Thanks to the BBC for permission to reproduce the story on Kim Phuc and Christopher Wain.
Sunday, 23 May 2010
It's "Piss Poor !" and "I am Dirt Poor."
How many times did I hear that as a boy, or when a teenager the expression, "Piss Poor". Where did the saying come from?
Here are some facts starting about 1500 AD.
They used to use urine to tan animal skins, so families used to all pee in a pot and; then once a day it was taken and sold to the tannery....... if you had to do this to survive you were "Piss Poor".
But worse than that were the really poor folk who couldn't even afford to buy a pot...........they "didn't have a pot to piss in" and were the lowest of the low.
Most people got married in June because they took their yearly bath in May, and they still smelled pretty good by June.
However,since they were starting to smell . .. .brides carried a bouquet of flowers to hide the body odor. Hence the custom today of carrying a bouquet when getting married.
Baths consisted of a big tub filled with hot water. The man of the house had the privilege of the nice clean water, then all the other sons and men, then the women and finally the children. Last of all the babies. By then the water was so dirty you could actually lose someone in it.
Hence the saying, "Don't throw the baby out with the Bath water!"
Houses had thatched roofs-thick straw-piled high, with no ceiling underneath. It was the only place for animals to get warm, so all the cats and other small animals (mice, bugs) lived in the roof.
When it rained it became slippery and sometimes the animals would slip and fall off the roof. Hence the saying "It's raining cats and dogs."
There was nothing to stop things from falling into the house.
This posed a real problem in the bedroom where bugs and other droppings could mess up your nice clean bed.
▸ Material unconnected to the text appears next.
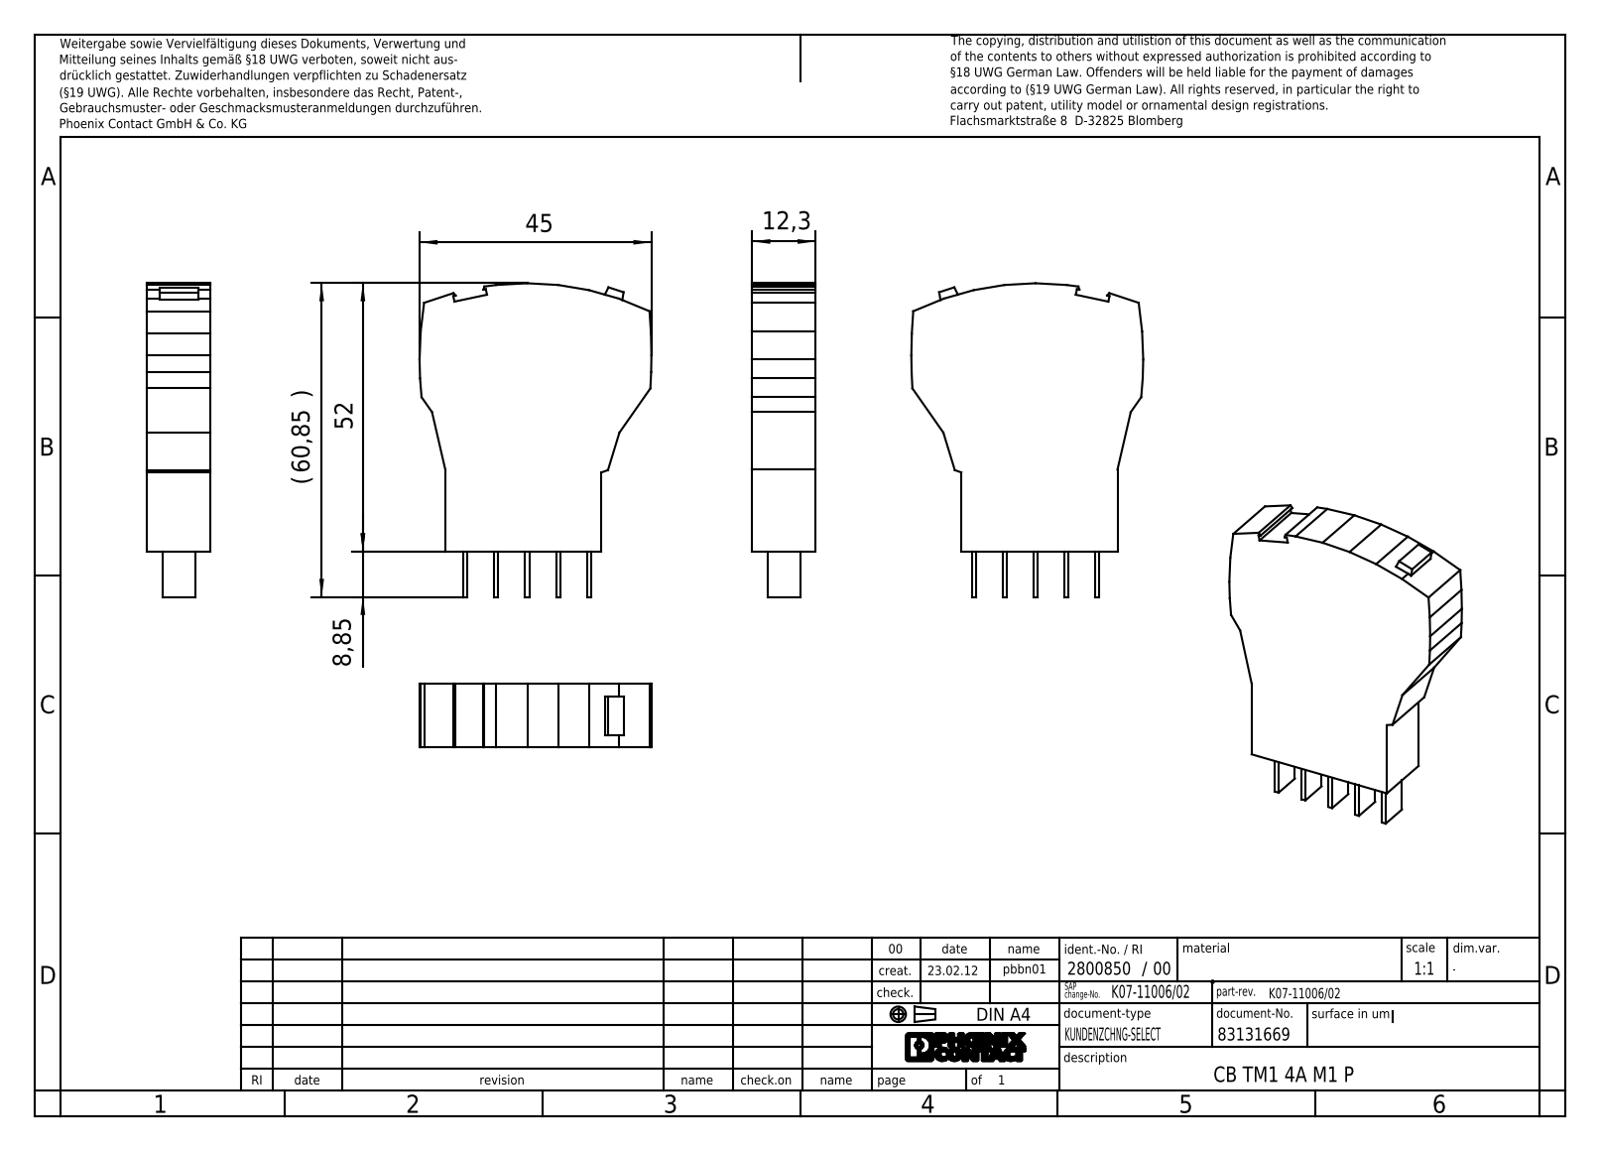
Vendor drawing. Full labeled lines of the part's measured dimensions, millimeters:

Hence, a bed with big posts and a sheet hung over the top afforded some
protection. That's how canopy beds came into existence.
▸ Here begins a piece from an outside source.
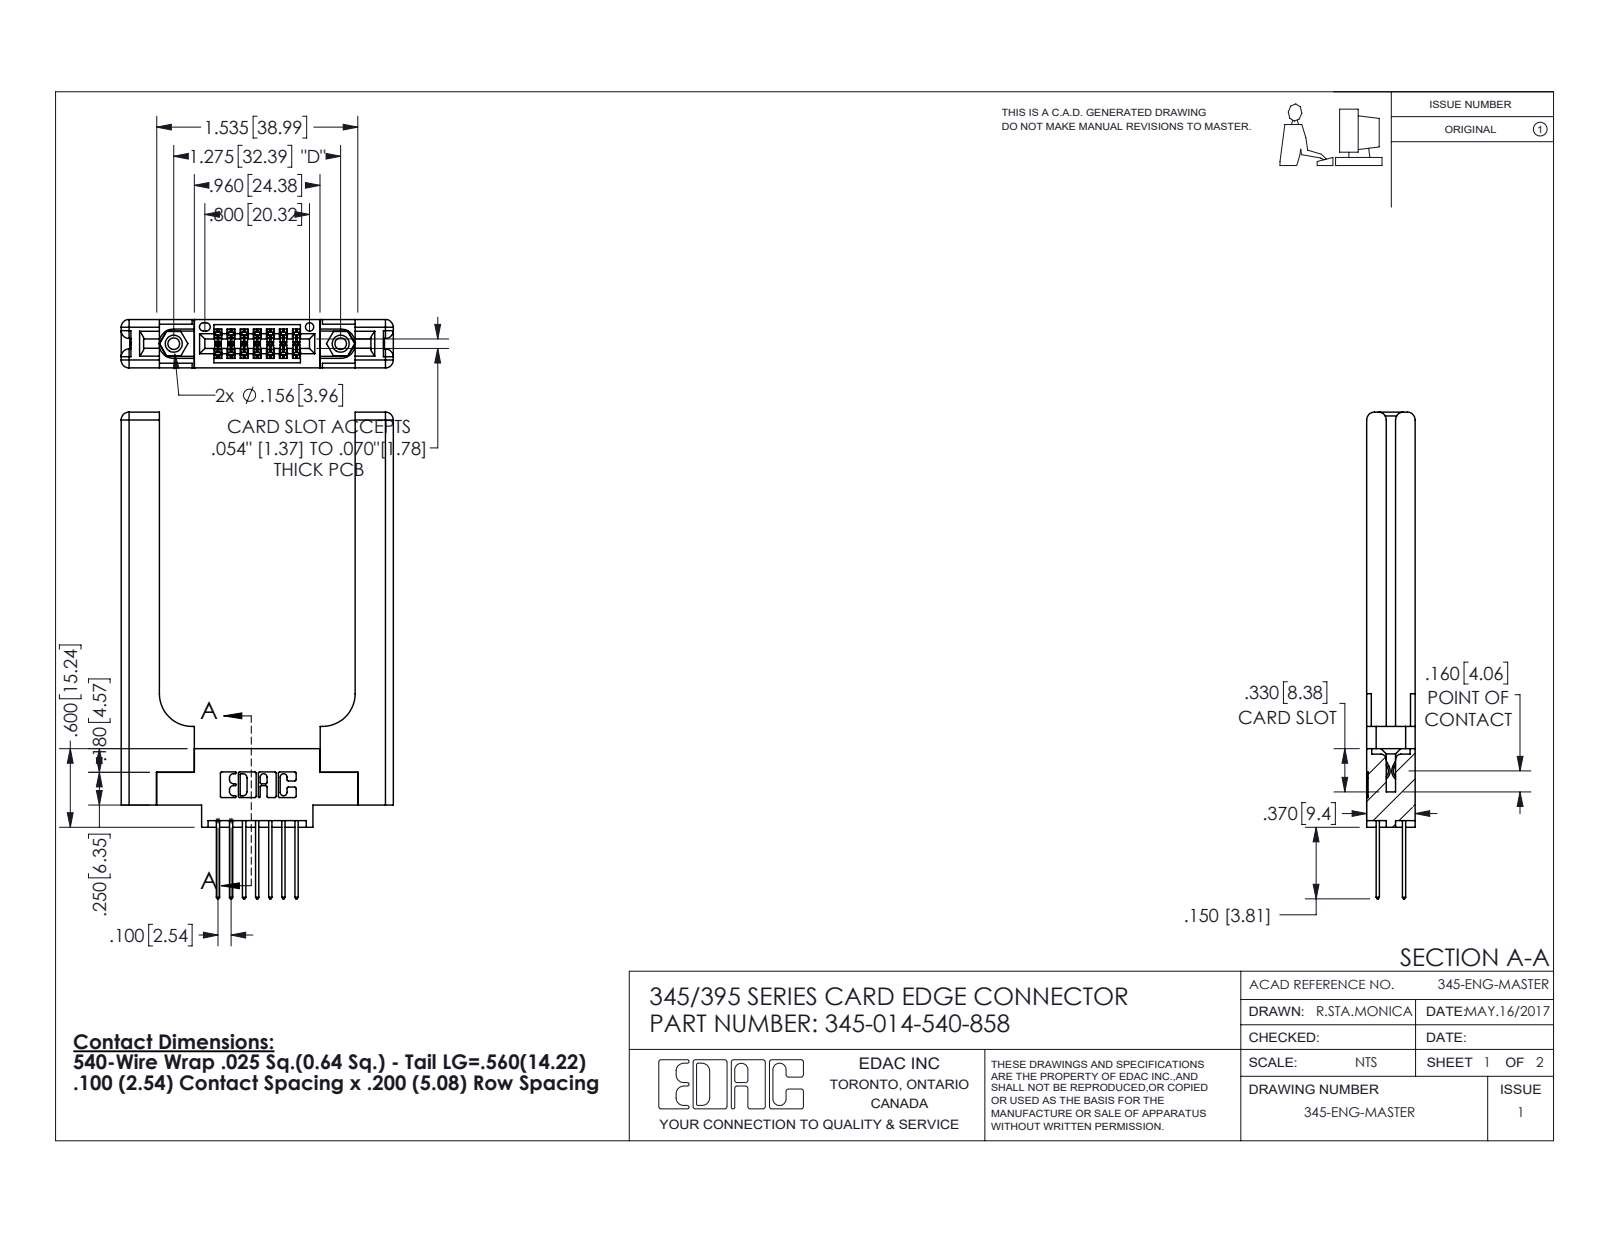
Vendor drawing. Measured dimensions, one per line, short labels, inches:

The floor was dirt. Only the wealthy had something other than dirt.
Hence the saying, "Dirt poor."
The wealthy had slate floors that would get slippery in the winter when wet, so they spread thresh (straw) on floor to help keep their footing.
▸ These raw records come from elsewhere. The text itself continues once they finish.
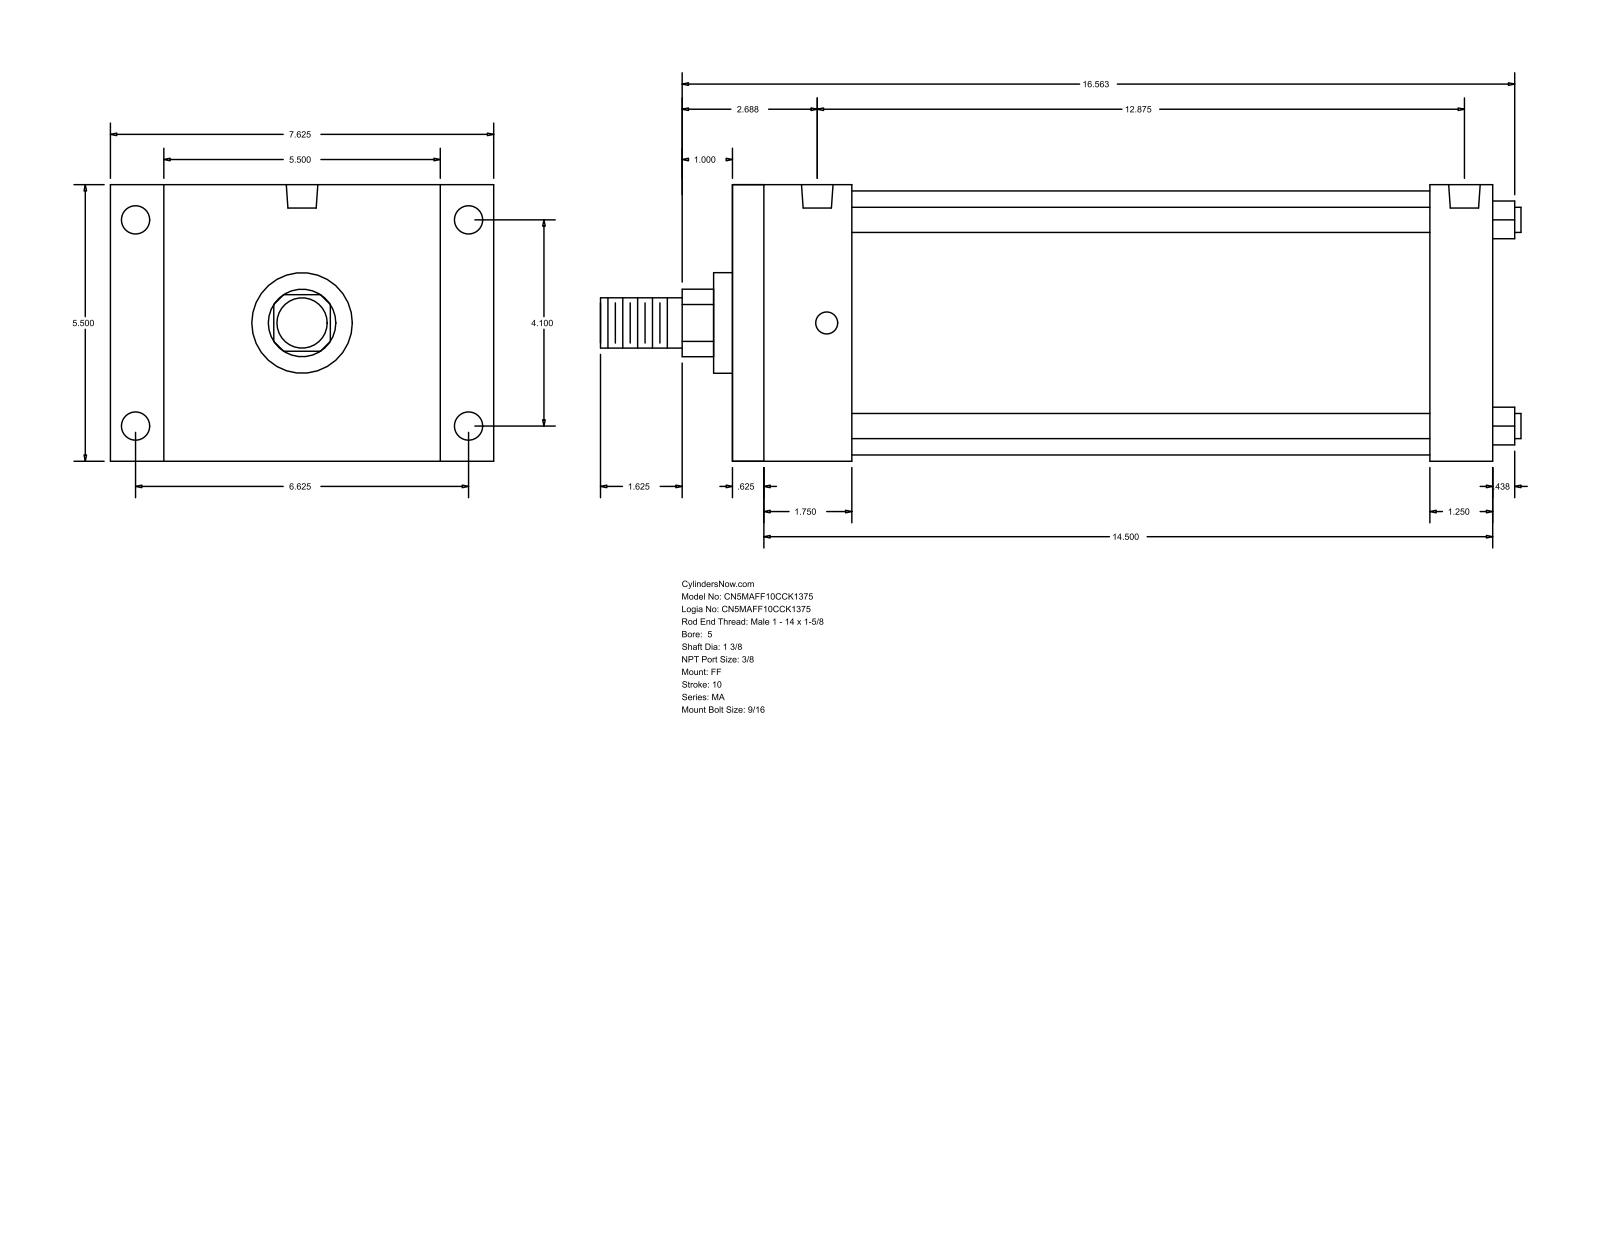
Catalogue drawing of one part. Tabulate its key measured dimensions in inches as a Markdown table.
| quantity | value |
| --- | --- |
| part name | MA_FF__0500_1.375 |
| STEP written by | GSSL Pune (CONFIG_CONTROL_DESIGN) |
| units | inches |
| bodies | 0 solids, 92 faces (64 planar, 28 cylindrical, 0 other) |
| overall size | 18.313 × 7.625 × 5.5 |
| round holes (diameter × count) | 0.437 × 4, 0.563 × 4, 0.627 × 2 |
| round bosses / shafts (diameter × count) | 0.5 × 4, 5.25 × 1, 2 × 1, 1.375 × 1, 1 × 1 |
| partial cylindrical surfaces (radius × count) | 0.672 × 1 |
| main face-to-face distances | 5.5, 15.125, 0.625, 14.5, 13.875, 13.25, 1.25, 2.375, 1.75, 11.5 |
| hole center spacings | 0.188, 4.1, 6.625, 7.791, 12.5, 12.687, 12.875 |

As the winter wore on, they added more thresh until, when you opened the door, it would all start slipping outside. A piece of wood was placed in the entrance-way.
Hence: a thresh hold.
(Getting quite an education, aren't you?)
In those old days, they cooked in the kitchen with a big kettle that always hung over the fire.
Every day they lit the fire and added things to the pot. They ate mostly vegetables and did not get much meat. They would eat the stew for dinner, leaving leftovers in the pot to get cold overnight and then start over the next day.
Sometimes stew had food in it that had been there for quite a while.
Hence the rhyme: Peas porridge hot, peas porridge cold, peas porridge in the pot nine days old.
Sometimes they could obtain pork, which made them feel quite special.
When visitors came over, they would hang up their bacon to show off. It
was a sign of wealth that a man could, "bring home the bacon."
They would cut off a little to share with guests and would all sit around and chew the fat.
Those with money had plates made of pewter. Food with high acid content caused some of the lead to leach onto the food, causing lead poisoning death. This happened most often with tomatoes, so for the next 400 years or so, tomatoes were considered poisonous.
Bread was divided according to status. Workers got the burnt bottom of the loaf, the family got the middle, and guests got the top, or the
upper crust.
Lead cups were used to drink ale or whiskey. The combination would sometimes knock the imbibers out for a couple of days. Someone walking along the road would take them for dead and prepare them for burial.
They were laid out on the kitchen table for a couple of days and the family would gather around and eat and drink and wait and see if they would wake up.
Hence the custom of holding a wake.
England is old and small and the local folks started running out of places to bury people.
So they would dig up coffins and would take the bones to a bone-house, and reuse the grave. When reopening these coffins, 1 out of 25 coffinswere found to have scratch marks on the inside and they realized they had been burying people alive. So they would tie a string on the wrist of the corpse, lead it through the coffin and up through the ground and tie it to a bell.
Someone would have to sit out in the graveyard all night (the graveyard shift.) to listen for the bell; thus, someone could be, saved by the bell or was considered a dead ringer...
And that's the truth...
OK, you may thing it's a piss poor attempt but I tried.
Now, whoever said History was boring ! ! !
Here are some facts starting about 1500 AD.
They used to use urine to tan animal skins, so families used to all pee in a pot and; then once a day it was taken and sold to the tannery....... if you had to do this to survive you were "Piss Poor".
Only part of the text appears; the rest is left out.